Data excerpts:
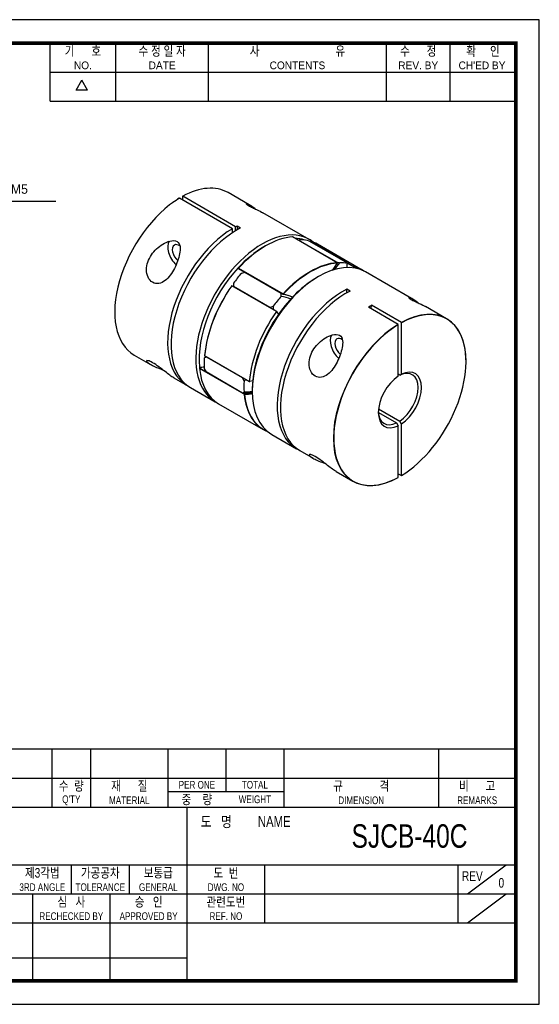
# Model space of a CAD drawing. Header units: millimetres. Extents: x 0 to 297, y 0 to 210.
# Tile 2 of 2: x 186 to 297, y 0 to 210. Entities that reach past the tile are written whole.
import ezdxf
from ezdxf.enums import TextEntityAlignment as Align

# ---------------------------------------------------------------- set-up
doc = ezdxf.new("R2010")
doc.units = ezdxf.units.MM
doc.header["$LTSCALE"] = 15
doc.layers.get('0').update_dxf_attribs({"linetype": 'CONTINUOUS'})
for name, color, linetype in [('BM', 2, 'CONTINUOUS'), ('D', 7, 'CONTINUOUS'), ('DIM', 7, 'CONTINUOUS')]:
    doc.layers.add(name, color=color, linetype=linetype)
doc.styles.get("Standard").update_dxf_attribs({"font": 'Gulim.ttf', "width": 0.8, "height": 3})
doc.dimstyles.new('LIM', dxfattribs={"dimtxt": 2, "dimasz": 2, "dimexe": 2, "dimexo": 1, "dimgap": 1, "dimtad": 1, "dimdec": 3, "dimzin": 9, "dimdsep": 46, "dimtxsty": 'Standard', "dimcen": 3, "dimclrd": 1, "dimclre": 1, "dimadec": 0, "dimazin": 0, "dimtfac": 1, "dimtdec": 3, "dimtmove": 0, "dimatfit": 3, "dimfxl": 0, "dimtolj": 1, "dimtzin": 0, "dimarcsym": 0})

msp = doc.modelspace()

# ---------------------------------------------------------------- linework, layer by layer
for p, q in [((192.7139, 192.6407), (192.7139, 205)), ((206.7211, 192.6407), (206.7211, 205)), ((226.4959, 192.6407), (226.4959, 205)), ((264.3976, 192.6407), (264.3976, 205)), ((277.9928, 192.6407), (277.9928, 205)), ((192.7139, 198.8204), (291.588, 198.8204)), ((198.2565, 194.9765), (199.4924, 197.1172)), ((200.7283, 194.9765), (199.4924, 197.1172)), ((200.7283, 194.9765), (198.2565, 194.9765)), ((192.7139, 192.6407), (291.588, 192.6407)), ((292, 54.437), (147.8086, 54.437)), ((193.1259, 54.437), (193.1259, 42.0778)), ((201.3654, 54.437), (201.3654, 42.0778)), ((217.8444, 54.437), (217.8444, 42.0778)), ((230.2037, 54.437), (230.2037, 45.3736)), ((242.563, 54.437), (242.563, 42.0778)), ((275.521, 54.437), (275.521, 42.0778)), ((147.8086, 48.2574), (292, 48.2574)), ((217.8444, 45.3736), (242.563, 45.3736)), ((147.8086, 42.0778), (292, 42.0778)), ((221.9642, 5), (221.9642, 42.0778)), ((147.8086, 29.7185), (292, 29.7185)), ((197.2457, 29.7185), (197.2457, 23.5389)), ((209.6049, 29.7185), (209.6049, 23.5389)), ((238.4432, 29.7185), (238.4432, 17.3593)), ((279.6407, 29.7185), (279.6407, 17.3593)), ((281.7006, 23.5389), (289.9401, 29.7185)), ((147.8086, 23.5389), (221.9642, 23.5389)), ((189.0061, 23.5389), (189.0061, 5)), ((205.4852, 23.5389), (205.4852, 5)), ((221.9642, 23.5389), (292, 23.5389)), ((281.7006, 17.3593), (289.9401, 23.5389)), ((147.8086, 17.3593), (292, 17.3593)), ((147.8086, 9.8798), (221.9642, 9.8798))]:
    msp.add_line(p, q)
msp.add_lwpolyline([(297, 210), (0, 210), (0, 0), (297, 0)], close=True)
msp.add_lwpolyline([(292, 205, 0.8, 0.8, 0), (5, 205, 0.8, 0.8, 0), (5, 5, 0.8, 0.8, 0), (292, 5, 0.8, 0.8, 0)], format="xyseb", close=True)
at = {"layer": 'BM', "linetype": 'Continuous'}
for p, q in [((220.9654, 172.3141), (220.9654, 171.5385)), ((232.2791, 165.823), (221.0008, 172.3346)), ((235.1461, 170.5287), (230.6472, 173.1261)), ((231.572, 165.4147), (220.2937, 171.9263)), ((247.936, 163.1444), (238.0962, 168.8255)), ((232.6327, 166.0118), (232.6327, 165.2157)), ((232.6327, 166.0118), (233.3398, 165.6035)), ((231.572, 164.5574), (231.572, 165.4147)), ((232.2791, 165.0065), (232.2791, 165.823)), ((238.6431, 161.7456), (238.2895, 161.5415)), ((253.9281, 158.1652), (244.4175, 163.6562)), ((253.9386, 158.1629), (244.4255, 163.6554)), ((245.9162, 163.06), (245.8909, 162.8431)), ((253.6691, 158.3524), (245.8909, 162.8431)), ((248.2974, 162.6282), (247.6, 162.9096)), ((248.0319, 162.7985), (257.5425, 157.3075)), ((256.0756, 158.1374), (248.2974, 162.6282)), ((259.2497, 156.6125), (249.7391, 162.1034)), ((253.6691, 158.3524), (254.4015, 158.161)), ((256.0853, 158.0106), (256.0756, 158.1374)), ((257.5409, 157.2128), (256.0818, 158.0552)), ((232.8093, 156.9457), (232.805, 157.0613)), ((232.8104, 156.9438), (242.3687, 151.4253)), ((232.8687, 156.9885), (242.3793, 151.4976)), ((234.2237, 156.107), (233.4913, 155.8865)), ((242.0018, 151.6163), (234.2237, 156.107)), ((257.6251, 157.0317), (257.5409, 157.2128)), ((269.7922, 150.5258), (259.9568, 156.2042)), ((231.8075, 153.7918), (231.8172, 153.1133)), ((249.9568, 155.2136), (249.6032, 155.0095)), ((240.9569, 147.7318), (231.4463, 153.2228)), ((241.0323, 147.7369), (231.492, 153.245)), ((239.5954, 148.6226), (231.8172, 153.1133)), ((241.9766, 150.9875), (242.0018, 151.6163)), ((255.9672, 151.7435), (255.9672, 152.5396)), ((256.6743, 152.1314), (255.9672, 152.5396)), ((239.5954, 148.6226), (240.2928, 148.8929)), ((241.0674, 147.7018), (241.3895, 147.1341)), ((266.892, 145.0227), (260.5616, 148.6776)), ((261.2687, 149.0858), (260.9859, 148.4326)), ((267.5991, 145.431), (261.2687, 149.0858)), ((277.2455, 146.2225), (272.7438, 148.8216)), ((266.9274, 133.969), (266.9274, 144.9615)), ((267.6345, 134.3773), (267.6345, 145.3697)), ((210.6472, 138.4851), (214.1568, 136.4588)), ((225.9836, 138.078), (225.5951, 137.7802)), ((225.6719, 138.3401), (235.1825, 132.8492)), ((225.6821, 138.3129), (235.2059, 132.8144)), ((233.7617, 133.5873), (225.9836, 138.078)), ((224.5913, 135.8916), (224.5726, 135.7166)), ((224.5726, 135.7166), (225.9549, 134.9186)), ((234.0865, 130.1241), (224.5759, 135.615)), ((225.5951, 135.5351), (225.9836, 134.8694)), ((233.7617, 130.3787), (225.9836, 134.8694)), ((219.089, 133.6112), (221.9256, 131.9735)), ((234.0803, 132.8812), (233.7617, 133.5873)), ((235.905, 132.9986), (235.2882, 132.8067)), ((267.2809, 134.1718), (266.9274, 134.3759)), ((267.2809, 134.1718), (267.6345, 134.3773)), ((222.6327, 131.5653), (227.936, 128.5034)), ((233.7617, 130.3787), (234.0803, 130.6362)), ((233.8195, 130.378), (234.1377, 130.1942)), ((235.8147, 131.127), (235.8147, 130.7187)), ((228.6431, 128.0952), (238.1537, 122.6042)), ((262.6995, 126.2365), (266.5738, 123.9997)), ((262.7342, 127.033), (267.2809, 124.4079)), ((266.5738, 123.9997), (266.9274, 123.386)), ((267.6345, 123.7942), (267.2809, 124.4079)), ((266.9274, 112.3935), (266.9274, 123.386)), ((267.6345, 112.8018), (267.6345, 123.7942)), ((239.9568, 121.5632), (245.2601, 118.5013)), ((245.9672, 118.0931), (248.8086, 116.4526)), ((253.7355, 113.6081), (257.2455, 111.5815)), ((266.9274, 113.1692), (267.5991, 112.7813))]:
    msp.add_line(p, q, dxfattribs=at)
for centre, radius, start, end in [((248.0112, 162.7534), 0.05, 75.503557, 168.531987), ((253.9136, 158.1196), 0.05, 0, 60), ((253.9136, 158.1196), 0.05, 323.040072, 0), ((231.467, 153.2017), 0.05, 60, 144.717235), ((242.3937, 151.4686), 0.05, 240, 260.113946), ((266.8499, 144.9576), 0.0776, 2.884007, 57.105626), ((267.557, 145.3658), 0.0776, 2.884499, 57.105135), ((225.7071, 138.3563), 0.05, 175.134994, 180), ((225.7071, 138.3563), 0.05, 180, 240), ((225.4713, 135.6951), 0.899, 178.625407, 185.108199)]:
    msp.add_arc(centre, radius, start, end, dxfattribs=at)
for centre, major_axis, ratio, start_param, end_param in [((220.6472, 155.8056), (-10, -17.3205), 0.57735027, 3.14159265, 3.90198821), ((220.6472, 155.8056), (10, 17.3205), 0.57735027, 0.81040077, 3.14159265), ((220.6119, 155.826), (9.975, 17.2772), 0.57735027, 0.81046344, 0.90762873), ((231.9256, 149.294), (10, 17.3205), 0.57735027, 0.7353773, 0.76039555), ((231.9256, 149.294), (10, 17.3205), 0.57735027, 0.81040077, 3.17695536), ((232.6327, 148.8858), (10, 17.3205), 0.57735027, 0.73537731, 3.14159265), ((237.936, 145.8239), (-10, -17.3205), 0.57735027, 3.05131396, 6.28318531), ((220.2583, 160.1126), (1.75, -3.0311), 0.57735027, 3.42307827, 5.22561386), ((220.2583, 160.1126), (-1.05, 1.8187), 0.57735027, 0, 2.1377672), ((220.2583, 160.1126), (-1.05, 1.8187), 0.57735027, 5.40807318, 6.28318531), ((238.6431, 145.4157), (10, 17.3205), 0.57735027, 0.36479531, 1.20600102), ((238.2895, 145.6198), (-9.75, -16.8875), 0.57735027, 3.24831441, 3.43132878), ((253.8459, 152.9683), (-10.5897, -18.342), 0.57735027, 4.48498664, 4.49610799), ((254.1994, 152.7642), (10.8397, 18.775), 0.57735027, 1.35819796, 1.35957995), ((239.7037, 144.8033), (10, 17.3205), 0.57735027, 0.19300529, 0.33059349), ((248.0112, 162.7534), (-0.025, -0.0433), 0.57735027, 3.30039612, 4.9776585), ((248.0112, 162.7534), (-0.0125, -0.0484), 0.80622277, 2.92157375, 3.14159265), ((239.7391, 144.7829), (-10, -17.3205), 0.57735027, 3.14159265, 3.30039612), ((238.2895, 145.6198), (9.75, 16.8875), 0.57735027, 0.78539816, 1.19446836), ((249.9568, 138.8837), (10, 17.3205), 0.57735027, 0, 3.14159265), ((248.1537, 139.9247), (10, 17.3205), 0.57735027, 0.36479531, 1.20600102), ((248.189, 139.9043), (9.975, 17.2772), 0.57735027, 0.36479531, 1.20600102), ((262.3312, 148.0693), (-10.8647, -18.8183), 0.57735027, 4.50401843, 4.59330422), ((262.3312, 148.0693), (10.5897, 18.342), 0.57735027, 1.34339399, 1.43045241), ((261.9776, 148.2734), (-10.8397, -18.775), 0.57735027, 4.49979062, 4.5011726), ((253.9136, 158.1196), (-0.025, -0.0433), 0.57735027, 3.14159265, 3.50638796), ((253.9136, 158.1196), (-0.003, 0.0499), 0.7627685, 4.24512226, 5.81591859), ((248.189, 139.9043), (10, 17.3205), 0.57735027, 0.19300529, 0.33059349), ((241.118, 149.964), (10.5897, 18.342), 0.57735027, 5.41427758, 5.46339009), ((238.2895, 145.6198), (-9.75, -16.8875), 0.57735027, 4.33606101, 5.61231573), ((239.7037, 144.8033), (10, 17.3205), 0.57735027, 1.24020284, 1.37779104), ((225.9152, 136.4342), (-10.8397, -18.775), 0.57735027, 3.35020422, 3.35419102), ((249.2497, 139.292), (-10, -17.3205), 0.57735027, 3.10622994, 3.30039612), ((249.6032, 139.0878), (9.75, 16.8875), 0.57735027, 0.78539816, 1.42352552), ((239.7037, 144.8033), (-9.975, -17.2772), 0.57735027, 4.55358551, 5.39479123), ((239.7391, 144.7829), (10, 17.3205), 0.57735027, 1.41199286, 2.25319857), ((231.467, 153.2017), (-0.025, -0.0433), 0.57735027, 3.14159265, 4.55358551), ((247.1284, 162.8238), (-10.8397, -18.775), 0.57735027, 5.54698817, 5.55033251), ((255.2601, 135.8218), (10, 17.3205), 0.57735027, 0.73537731, 3.17695536), ((255.9672, 135.4136), (10, 17.3205), 0.57735027, 0.73537731, 3.14159265), ((233.6933, 131.9435), (-10.8397, -18.775), 0.57735027, 3.35020422, 3.35419102), ((242.3937, 151.4686), (0.025, 0.0433), 0.57735027, 1.20600102, 3.14159265), ((234.0115, 131.7598), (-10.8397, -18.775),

(THE PROBLEM) Find the lines that mention "close" in the entries and show them.

(ANSWER FOR THIS EXERCISE)
msp.add_lwpolyline([(297, 210), (0, 210), (0, 0), (297, 0)], close=True)
msp.add_lwpolyline([(292, 205, 0.8, 0.8, 0), (5, 205, 0.8, 0.8, 0), (5, 5, 0.8, 0.8, 0), (292, 5, 0.8, 0.8, 0)], format="xyseb", close=True)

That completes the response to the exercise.